╭──

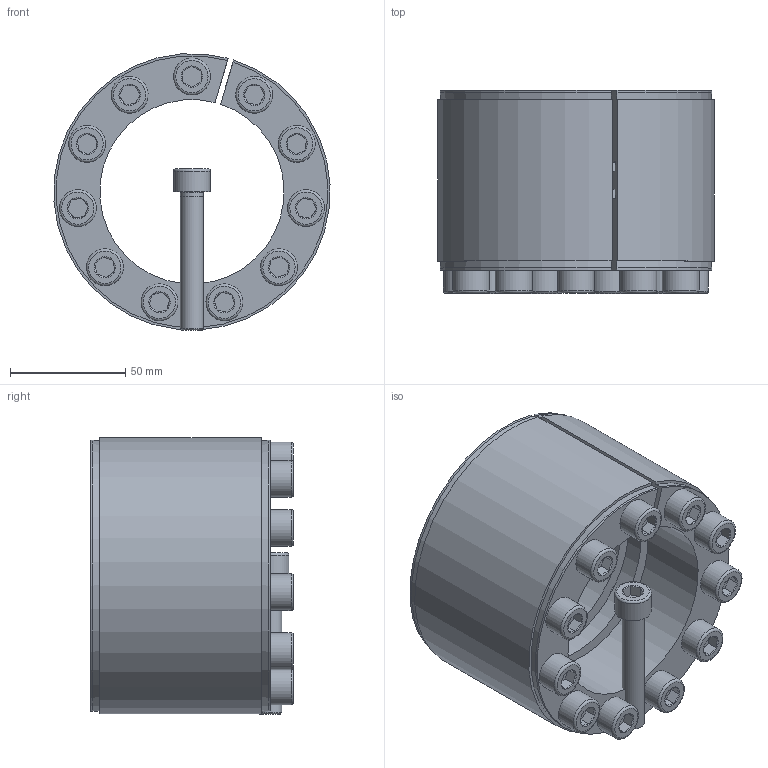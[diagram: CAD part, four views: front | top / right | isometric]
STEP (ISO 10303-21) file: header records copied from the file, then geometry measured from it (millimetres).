
FILE_DESCRIPTION( ( 'Unknown' ), '1' );
FILE_NAME( 'C:/Dokumente und Einstellungen/Sven/Desktop/homepage/cad - homepage/KBS11/KBS 11 - 80 x 120.stp', 'Unknown', ( 'Unknown' ), ( 'Unknown' ), 'XStep 1.0', 'Unknown', ' ' );
FILE_SCHEMA( ( 'automotive_design' ) );
Length unit declared in the file: millimetre
Products named in the file (3): Assem1; KBS 11 - 80 x 120; ISO EN DIN 4762 M10x60
Bounding box: 119.77 x 88 x 119.8 mm (x, y, z)
Volume: 844504 mm3; surface area: 241625 mm2
Topology: 14 solids, 14 shells, 406 faces, 866 edges, 536 vertices
Faces by surface type: plane 164, cylinder 126, cone 92, torus 24
Full cylindrical faces by diameter (mm): 9 x12, 10 x90, 16 x12
Entity records: 2646 total; most frequent: CARTESIAN_POINT 441, DIRECTION 424, ORIENTED_EDGE 310, AXIS2_PLACEMENT_3D 192, EDGE_LOOP 188, EDGE_CURVE 155, VERTEX_POINT 125, FACE_OUTER_BOUND 117
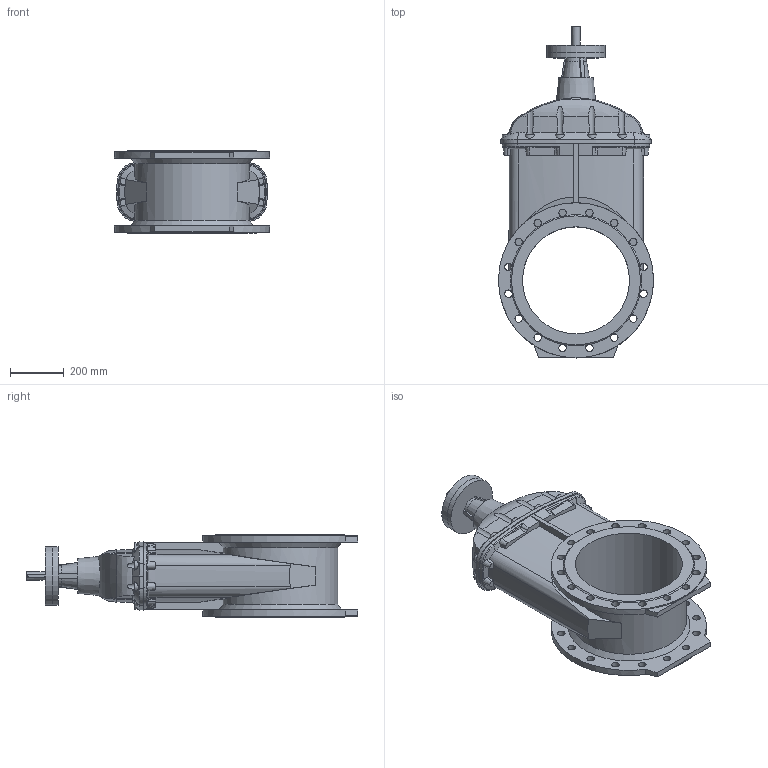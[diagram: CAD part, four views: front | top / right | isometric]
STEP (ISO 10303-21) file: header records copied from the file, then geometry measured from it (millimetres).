
FILE_DESCRIPTION (( 'STEP AP203' ), '1' );
FILE_NAME ('O_15_40_DN400_X0X_AA0.step', '2017-03-10T08:04:50', ( 'Windows User' ), ( 'AVK' ), 'SwSTEP 2.0', 'SolidWorks 2012', '' );
FILE_SCHEMA (( 'CONFIG_CONTROL_DESIGN' ));
Length unit declared in the file: millimetre
Products named in the file (1): O_15_40_DN400_X0X_AA0
Bounding box: 580 x 1241 x 310 mm (x, y, z)
Volume: 61485105.8 mm3; surface area: 2263602.5 mm2
Topology: 1 solids, 1 shells, 341 faces, 1037 edges, 680 vertices
Faces by surface type: plane 117, cone 88, cylinder 74, bspline 33, torus 29
Full cylindrical faces by diameter (mm): 18 x4, 28 x32, 30 x1, 220 x2, 400 x1, 580 x2
Entity records: 17474 total; most frequent: CARTESIAN_POINT 8974, ORIENTED_EDGE 1898, DIRECTION 1555, EDGE_CURVE 949, AXIS2_PLACEMENT_3D 659, VERTEX_POINT 638, EDGE_LOOP 435, FACE_OUTER_BOUND 383

╰──

*EXERCISE*
Print the data above exactly; drop every picture.

*SOLUTION TO THE EXERCISE*
[diagram: CAD part, four views: front | top / right | isometric]
STEP (ISO 10303-21) file: header records copied from the file, then geometry measured from it (millimetres).
FILE_DESCRIPTION( ( 'Unknown' ), '1' );
FILE_NAME( 'C:/Dokumente und Einstellungen/Sven/Desktop/homepage/cad - homepage/KBS11/KBS 11 - 80 x 120.stp', 'Unknown', ( 'Unknown' ), ( 'Unknown' ), 'XStep 1.0', 'Unknown', ' ' );
FILE_SCHEMA( ( 'automotive_design' ) );
Length unit declared in the file: millimetre
Products named in the file (3): Assem1; KBS 11 - 80 x 120; ISO EN DIN 4762 M10x60
Bounding box: 119.77 x 88 x 119.8 mm (x, y, z)
Volume: 844504 mm3; surface area: 241625 mm2
Topology: 14 solids, 14 shells, 406 faces, 866 edges, 536 vertices
Faces by surface type: plane 164, cylinder 126, cone 92, torus 24
Full cylindrical faces by diameter (mm): 9 x12, 10 x90, 16 x12
Entity records: 2646 total; most frequent: CARTESIAN_POINT 441, DIRECTION 424, ORIENTED_EDGE 310, AXIS2_PLACEMENT_3D 192, EDGE_LOOP 188, EDGE_CURVE 155, VERTEX_POINT 125, FACE_OUTER_BOUND 117
[diagram: CAD part, four views: front | top / right | isometric]
STEP (ISO 10303-21) file: header records copied from the file, then geometry measured from it (millimetres).
FILE_DESCRIPTION (( 'STEP AP203' ), '1' );
FILE_NAME ('O_15_40_DN400_X0X_AA0.step', '2017-03-10T08:04:50', ( 'Windows User' ), ( 'AVK' ), 'SwSTEP 2.0', 'SolidWorks 2012', '' );
FILE_SCHEMA (( 'CONFIG_CONTROL_DESIGN' ));
Length unit declared in the file: millimetre
Products named in the file (1): O_15_40_DN400_X0X_AA0
Bounding box: 580 x 1241 x 310 mm (x, y, z)
Volume: 61485105.8 mm3; surface area: 2263602.5 mm2
Topology: 1 solids, 1 shells, 341 faces, 1037 edges, 680 vertices
Faces by surface type: plane 117, cone 88, cylinder 74, bspline 33, torus 29
Full cylindrical faces by diameter (mm): 18 x4, 28 x32, 30 x1, 220 x2, 400 x1, 580 x2
Entity records: 17474 total; most frequent: CARTESIAN_POINT 8974, ORIENTED_EDGE 1898, DIRECTION 1555, EDGE_CURVE 949, AXIS2_PLACEMENT_3D 659, VERTEX_POINT 638, EDGE_LOOP 435, FACE_OUTER_BOUND 383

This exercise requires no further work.